▶ **Exercise prompt**
Copy out every line in the entries below that includes "import".

▶ **Stored items**
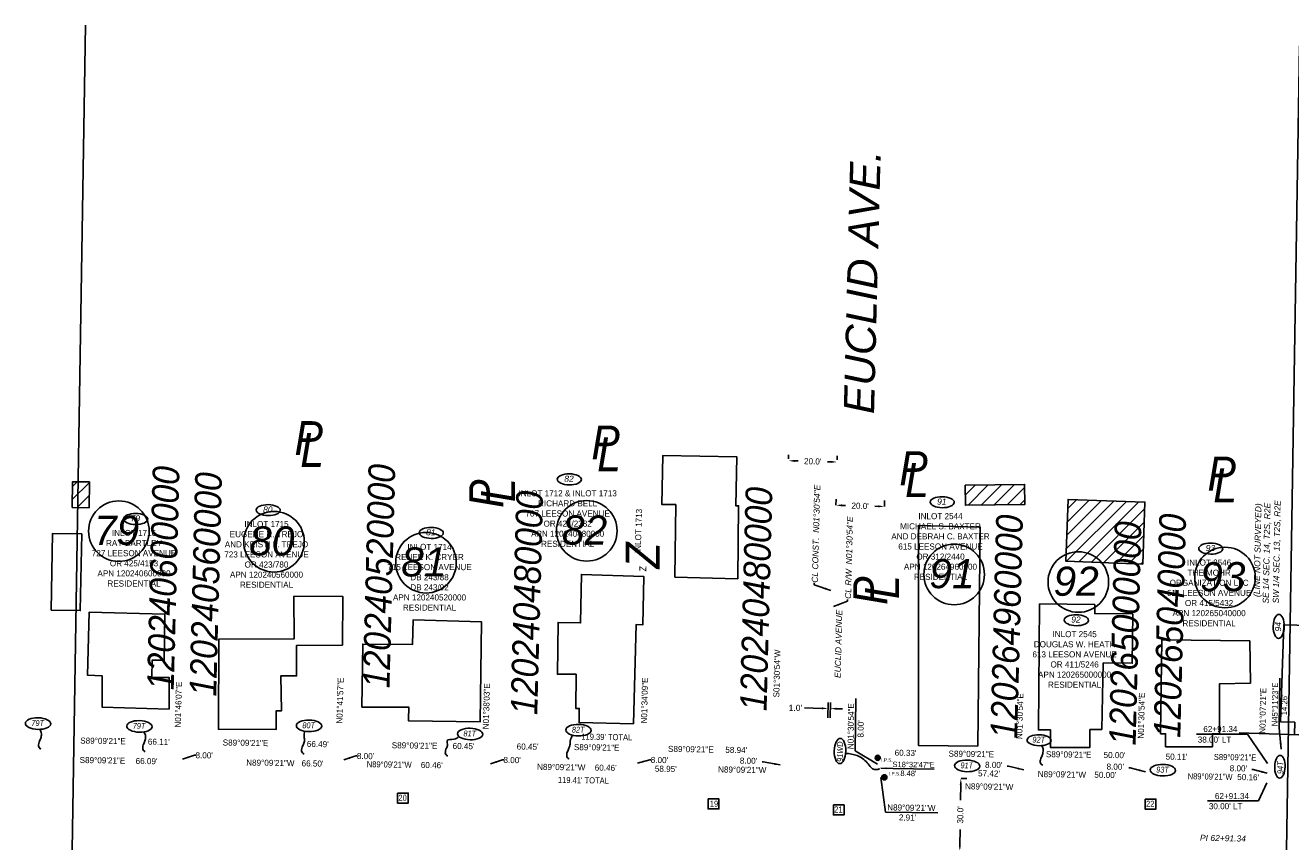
# Model space of a CAD drawing. Header units: feet. Extents: x 1372214 to 1390604, y 439650 to 444412.
# Tile 11 of 12: x 1389684 to 1390205, y 443941 to 444278. Entities that reach past the tile are written whole.
import ezdxf
from ezdxf.enums import TextEntityAlignment as Align

# ---------------------------------------------------------------- set-up
doc = ezdxf.new("R2010")
doc.units = ezdxf.units.FT
doc.header["$MEASUREMENT"] = 0
for name, color, linetype in [('BD_X_Building', 30, 'Continuous'), ('RW_P_Text', 130, 'Continuous'), ('RW_P_Text-Boundary', 20, 'Continuous'), ('RW_X_Text-PropMap', 10, 'Continuous'), ('SC_Scratch20', 7, 'Continuous'), ('SC_Shading1', 253, 'Continuous')]:
    doc.layers.add(name, color=color, linetype=linetype)
doc.styles.add('Slanted', font='font31.shx', dxfattribs={"height": 0.14})
doc.styles.add('Slanted-Normal', font='font31.shx', dxfattribs={"height": 0.14})
doc.styles.get("Standard").update_dxf_attribs({"font": 'arial.ttf'})
doc.styles.add('Style-font31', font='font31.shx')
doc.styles.add('Text - CenterTop 0.14 Italic', font='ariali.ttf', dxfattribs={"height": 0.14})
doc.dimstyles.get("Standard").update_dxf_attribs({"dimtxt": 0.18, "dimasz": 0.18, "dimexe": 0.18, "dimexo": 0.0625, "dimgap": 0.09, "dimtad": 0, "dimtih": 1, "dimtoh": 1, "dimdec": 4, "dimzin": 0, "dimdsep": 46, "dimtxsty": 'Standard', "dimcen": 0.09, "dimadec": 0, "dimazin": 0, "dimtfac": 1, "dimtdec": 4, "dimtofl": 0, "dimtmove": 0, "dimatfit": 3, "dimfxl": 1, "dimtolj": 1, "dimtzin": 0, "dimarcsym": 0})

# ---------------------------------------------------------------- blocks, each defined once
blk = doc.blocks.new('*D829')
at = {"layer": 'Defpoints', "color": 0, "transparency": 16777216}
for p in [(1390014.43, 443996.12), (1390014.31, 443991.48), (1390015.31, 443991.46)]:
    blk.add_point(p, dxfattribs=at)
at = {"layer": 'RW_P_Text', "color": 0, "lineweight": -2, "transparency": 16777216}
for p, q in [((1390011.93, 443996.19), (1390004.71, 443996.38)), ((1390014.33, 443992.35), (1390014.5, 443998.62)), ((1390015.33, 443992.33), (1390015.5, 443998.6)), ((1390017.93, 443996.03), (1390020.44, 443995.96))]:
    blk.add_line(p, q, dxfattribs=at)
at = {"layer": 'RW_P_Text', "color": 0, "transparency": 16777216}
for points in [[(1390011.94, 443996.61), (1390011.92, 443995.77), (1390014.43, 443996.12)], [(1390017.95, 443996.45), (1390017.92, 443995.61), (1390015.43, 443996.1)]]:
    blk.add_solid(points, dxfattribs=at)
at = {"layer": 'RW_P_Text', "color": 0, "transparency": 16777216, "insert": (1390000.97, 443996.38), "char_height": 2.502, "attachment_point": 5}
blk.add_mtext("\\A1;1.0'", dxfattribs=at)
blk = doc.blocks.new('*D848')
at = {"layer": 'Defpoints', "color": 0, "transparency": 16777216}
for p in [(1390068.36, 443967.31), (1390067.92, 443937.32), (1390068.67, 443937.31)]:
    blk.add_point(p, dxfattribs=at)
at = {"layer": 'RW_P_Text', "color": 0, "lineweight": -2, "transparency": 16777216}
for p, q in [((1390069.07, 443964.8), (1390068.98, 443958.4)), ((1390069.23, 443967.3), (1390071.61, 443967.27)), ((1390068.7, 443939.81), (1390068.8, 443946.21)), ((1390068.79, 443937.3), (1390071.17, 443937.27))]:
    blk.add_line(p, q, dxfattribs=at)
at = {"layer": 'RW_P_Text', "color": 0, "transparency": 16777216}
for points in [[(1390068.65, 443964.81), (1390069.49, 443964.79), (1390069.11, 443967.3)], [(1390068.29, 443939.81), (1390069.12, 443939.8), (1390068.67, 443937.31)]]:
    blk.add_solid(points, dxfattribs=at)
at = {"layer": 'RW_P_Text', "color": 0, "transparency": 16777216, "insert": (1390068.89, 443952.3), "char_height": 2.502, "attachment_point": 5, "rotation": 89.156, "style": 'Style-font31'}
blk.add_mtext("\\A1;30.0'", dxfattribs=at)
blk = doc.blocks.new('*D870')
at = {"layer": 'Defpoints', "color": 0, "transparency": 16777216}
for p in [(1389998.13, 444098.2), (1390018.12, 444097.69), (1390018.12, 444097.67)]:
    blk.add_point(p, dxfattribs=at)
at = {"layer": 'RW_P_Text', "color": 0, "lineweight": -2, "transparency": 16777216}
for p, q in [((1389998.15, 444099.06), (1389998.19, 444100.72)), ((1390000.63, 444098.16), (1390002.07, 444098.12)), ((1390018.14, 444098.53), (1390018.19, 444100.19)), ((1390015.62, 444097.76), (1390014.18, 444097.8))]:
    blk.add_line(p, q, dxfattribs=at)
at = {"layer": 'RW_P_Text', "color": 0, "transparency": 16777216}
for points in [[(1390000.64, 444098.57), (1390000.62, 444097.74), (1389998.13, 444098.22)], [(1390015.63, 444098.18), (1390015.61, 444097.34), (1390018.12, 444097.69)]]:
    blk.add_solid(points, dxfattribs=at)
at = {"layer": 'RW_P_Text', "color": 0, "transparency": 16777216, "insert": (1390008.12, 444097.96), "char_height": 2.502, "attachment_point": 5, "rotation": 358.485, "style": 'Style-font31'}
blk.add_mtext("\\A1;20.0'", dxfattribs=at)
blk = doc.blocks.new('*D871')
at = {"layer": 'Defpoints', "color": 0, "transparency": 16777216}
for p in [(1390017.63, 444079.09), (1390017.65, 444079.89), (1390037.62, 444078.56)]:
    blk.add_point(p, dxfattribs=at)
at = {"layer": 'RW_P_Text', "color": 0, "lineweight": -2, "transparency": 16777216}
for p, q in [((1390017.65, 444079.96), (1390017.72, 444082.39)), ((1390020.15, 444079.83), (1390021.59, 444079.79)), ((1390035.14, 444079.43), (1390033.7, 444079.47)), ((1390037.64, 444079.43), (1390037.71, 444081.87))]:
    blk.add_line(p, q, dxfattribs=at)
at = {"layer": 'RW_P_Text', "color": 0, "transparency": 16777216}
for points in [[(1390020.16, 444080.24), (1390020.14, 444079.41), (1390017.65, 444079.89)], [(1390035.15, 444079.85), (1390035.13, 444079.01), (1390037.64, 444079.36)]]:
    blk.add_solid(points, dxfattribs=at)
at = {"layer": 'RW_P_Text', "color": 0, "transparency": 16777216, "insert": (1390027.65, 444079.63), "char_height": 2.502, "attachment_point": 5, "rotation": 358.485, "style": 'Style-font31'}
blk.add_mtext("\\A1;20.0'", dxfattribs=at)

msp = doc.modelspace()

# ---------------------------------------------------------------- hatches: boundary and pattern name
at = {"layer": 'SC_Shading1'}
h = msp.add_hatch(dxfattribs=at)
h.set_pattern_fill('ANSI31', color=256, scale=30)
h.paths.add_polyline_path([(1389703.16948, 444078.98166), (1389710.13201, 444078.87563), (1389710.29339, 444089.47302), (1389703.33086, 444089.57905)])
h = msp.add_hatch(dxfattribs=at)
h.set_pattern_fill('ANSI31', color=256, scale=30)
h.paths.add_polyline_path([(1390070.88692, 444088.09045), (1390095.37601, 444088.44657), (1390095.49584, 444080.20638), (1390071.00675, 444079.85027)])
h = msp.add_hatch(dxfattribs=at)
h.set_pattern_fill('ANSI31', color=256, scale=30)
h.paths.add_polyline_path([(1390143.98691, 444055.66479), (1390112.39705, 444056.78464), (1390113.30103, 444082.28504), (1390144.89089, 444081.16519)])

# ---------------------------------------------------------------- linework, layer by layer
at = {"layer": 'BD_X_Building'}
msp.add_line((1390183.76137, 443986.06397), (1390216.46, 443985.04432), dxfattribs=at)
for points in [[(1389977.24655, 444049.61441), (1389951.34993, 444050.30822), (1389951.68911, 444080.12464), (1389945.9564, 444080.22849), (1389946.34672, 444100.3178), (1389976.84075, 444099.86908), (1389976.44807, 444079.66433), (1389977.56678, 444079.64353)], [(1389703.16948, 444078.98166), (1389710.13201, 444078.87563), (1389710.29339, 444089.47302), (1389703.33086, 444089.57905)], [(1390070.88692, 444088.09045), (1390095.37601, 444088.44657), (1390095.49584, 444080.20638), (1390071.00675, 444079.85027)], [(1390143.98691, 444055.66479), (1390112.39705, 444056.78464), (1390113.30103, 444082.28504), (1390144.89089, 444081.16519)], [(1389694.49154, 444036.68344), (1389695.09923, 444068.27324), (1389707.08304, 444068.04271), (1389706.47535, 444036.4529)], [(1389934.36825, 443989.76661), (1389935.41029, 444030.69976), (1389938.18038, 444030.6075), (1389938.53919, 444050.54203), (1389912.85822, 444051.39313), (1389912.54124, 444031.37868), (1389903.26888, 444031.60102), (1389902.95933, 444010.26995), (1389910.6719, 444010.26995), (1389910.50644, 443996.14646), (1389911.99373, 443996.14646), (1389911.90078, 443990.29291)], [(1389814.47262, 444022.2504), (1389814.59346, 444042.30396), (1389794.50845, 444042.39749), (1389794.58653, 444024.90105), (1389763.52992, 444024.65235), (1389763.41094, 443987.55001), (1389787.15563, 443987.44543), (1389787.10915, 443995.16059), (1389789.36798, 443995.20736), (1389789.1328, 444009.64927), (1389795.56629, 444009.53364), (1389795.56629, 444022.11393)], [(1389841.71339, 443991.63631), (1389841.76358, 443996.69572), (1389822.48078, 443996.69572), (1389822.8554, 444022.6632), (1389843.36801, 444022.51355), (1389843.51766, 444032.61452), (1389871.66568, 444031.8663), (1389871.21578, 443990.64024), (1389841.69201, 443990.98799)], [(1390225.49862, 443989.89787), (1390216.61998, 443990.17474), (1390216.46, 443985.04432), (1390206.458, 443985.35622), (1390206.61802, 443990.48764), (1390200.80297, 443990.66797), (1390202.04959, 444030.64486), (1390229.13309, 444029.8589), (1390228.71892, 444016.57731), (1390224.69581, 444016.69322), (1390224.41784, 444007.77935), (1390226.05542, 444007.75358)], [(1390175.61161, 443985.7103), (1390172.6955, 443985.7103), (1390172.6955, 443980.35473), (1390153.38626, 443980.35473), (1390153.38626, 443985.7103), (1390151.33713, 443985.7103), (1390151.94209, 444024.48571), (1390188.07689, 444023.97811), (1390188.34089, 444006.582), (1390175.64681, 444006.31417)]]:
    msp.add_lwpolyline(points, close=True, dxfattribs=at)
for points, elevation in [([(1390076.041, 443980.614), (1390051.6481, 443980.93719), (1390051.62478, 444071.47401), (1390077.10239, 444070.86057)], 790.875), ([(1390127.17882, 443987.48009), (1390127.72053, 444014.91359), (1390139.67747, 444014.80519), (1390139.89499, 444035.12148), (1390124.24119, 444035.23031), (1390124.24119, 444038.92422), (1390101.52273, 444039.24987), (1390101.0877, 443987.31831), (1390105.97497, 443987.34862), (1390105.97497, 443980.09853), (1390122.29376, 443980.11712), (1390122.29283, 443987.44979)], 789.098)]:
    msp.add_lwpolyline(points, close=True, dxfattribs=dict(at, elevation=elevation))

▶ **Task solution**
import ezdxf
from ezdxf.enums import TextEntityAlignment as Align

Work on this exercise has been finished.